Saliva testing may help doctors diagnose concussions
Doctors may be able to more accurately diagnose concussions by measuring mRNA in a person’s saliva, according to a study conducted by Penn State College of Medicine. The results of the study, published in the journal Clinical and Translational Medicine, indicate that a patient’s spit may be used to aid concussion diagnosis in a non-invasive, non-biased fashion.
Concussions occur as a result of physical injury to the head and may result in short-lived symptoms including headaches, dizziness and confusion. Physicians currently use symptom scales and neurocognitive tests to assess patients and diagnose concussions. Researchers say these methods may not be reliable because they can be subject to patient and physician bias; for example, athletes may underreport a symptom’s severity to return to the field.
MicroRNA molecules meanwhile play an important role in cellular processes and exist in high amounts in the brain. The investigators hypothesised that, due to the presence of cranial nerves in the mouth, altered microRNA levels could indicate whether a patient is experiencing a concussion.
“Current methods rely on accurate symptom reporting and honest performance on neurocognitive testing,” said Dr Steve Hicks, principal investigator of the study. “Analysing microRNA profiles in saliva following a head trauma is a non-invasive way to test for concussion that can’t be influenced by a patient’s feelings or motives.”

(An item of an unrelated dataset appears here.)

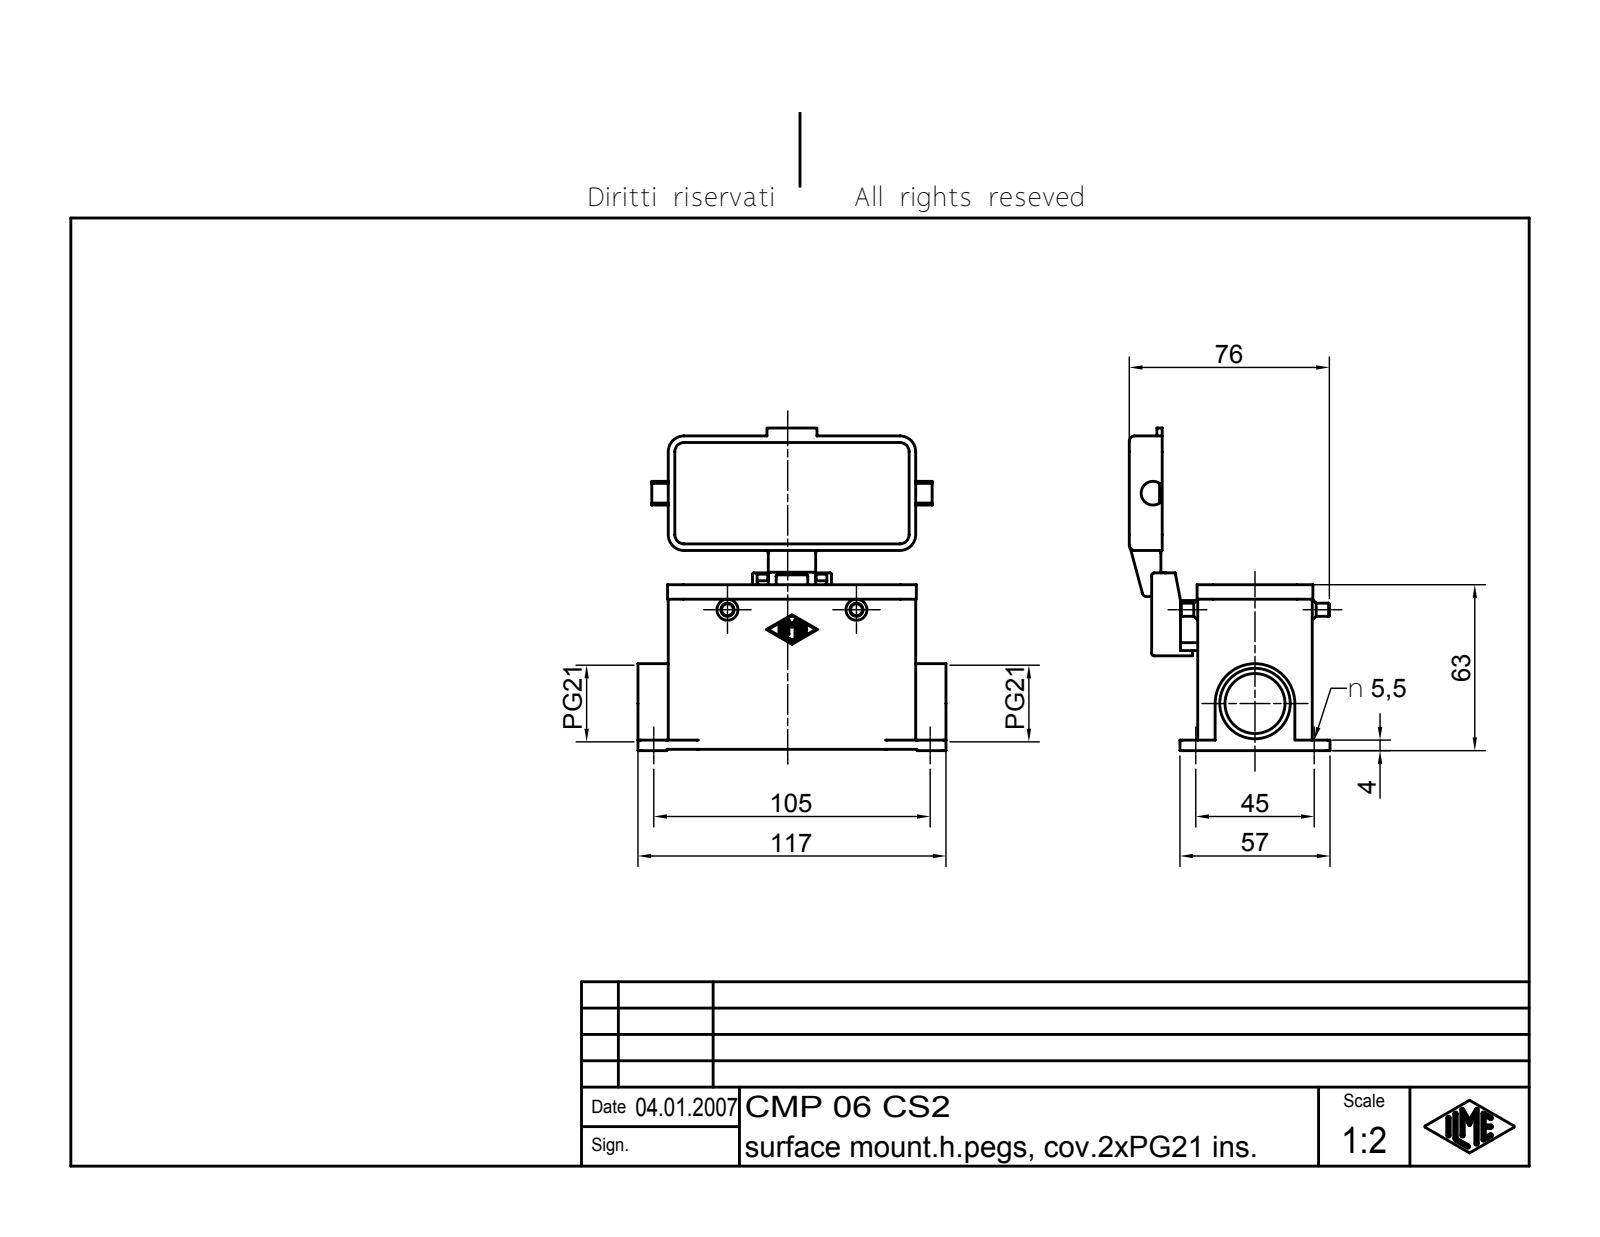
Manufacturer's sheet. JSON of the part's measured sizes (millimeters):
{"part_name": "CMP 06 CS2", "step_written_by": "Autodesk Inventor 7 (AUTOMOTIVE_DESIGN)", "units": "millimeters", "bodies": {"solids": 2, "faces": 474, "planar": 177, "cylindrical": 177, "other": 120}, "overall_size": [122.5, 117, 76.25], "volume_mm3": 115475, "surface_area_mm2": 65768, "round_holes": [[5.5, 4], [4, 1], [5, 1], [22.78, 1], [26.78, 1]], "round_bosses_or_shafts": [[5, 2], [3, 2], [7, 1], [4, 1]], "partial_cylinders_radius": [[1, 26], [0.38, 14], [6, 12], [0.5, 9], [0.7, 8], [2, 8], [3, 4], [3.5, 4]], "face_to_face_distances": [3, 40.5, 3.5, 43.5, 29, 63, 37.5, 22.5, 69.5, 66.5], "hole_center_spacings": [45, 105, 114.24]}
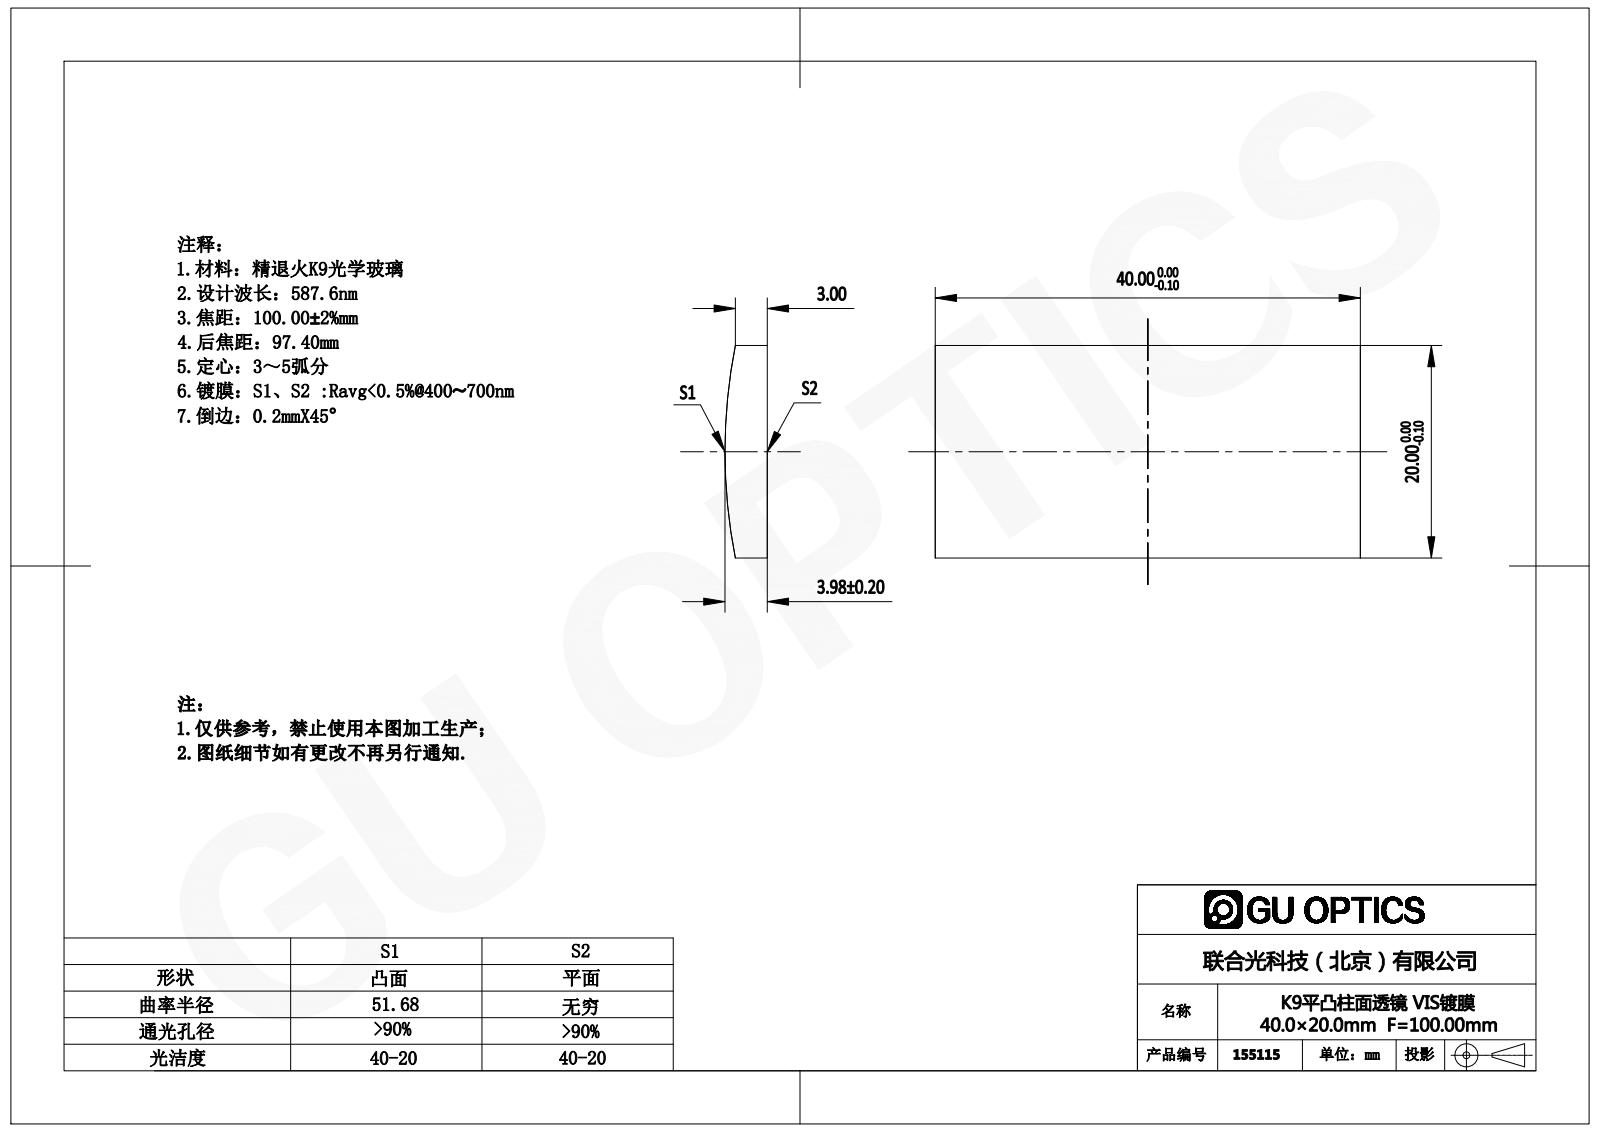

To develop the diagnostic approach, researchers recruited 538 participants across 11 clinical sites. Approximately half the participants had a concussion reported within two weeks of starting the study; the other half of participants did not, but had conditions that might mimic concussion symptoms including anxiety, depression, attention-deficit hyperactivity disorder, exercise-related fatigue or chronic headaches.
The researchers used RNA sequencing to evaluate saliva samples from half of the participants, then used statistical modelling and machine learning to identify noticeable differences between the RNA profiles of participants with concussions and those without. Once they knew what RNA changes to look for, they tested more than 200 additional participants and were able to successfully identify which patients had concussions. The accuracy of the saliva approach performed favourably when compared with currently available tests involving balance and reaction time.
“This method has lots of promising applications,” Dr Hicks said. “A rapid, reliable diagnostic means that early, appropriate action can be taken to alleviate the symptoms of patients with concussions.”
Dr Hicks said the work expands upon a smaller pilot study that showed microRNA could be used to predict the duration of concussion symptoms; further effort is now needed to develop the test into a portable technology that can be used field-side by athletic trainers immediately after an injury occurs, by emergency responders at the scene of an accident or by army medics on a battlefield. He is working with Quadrant Biosciences, who recently received a grant to do a larger clinical study to validate the method and further develop the technology.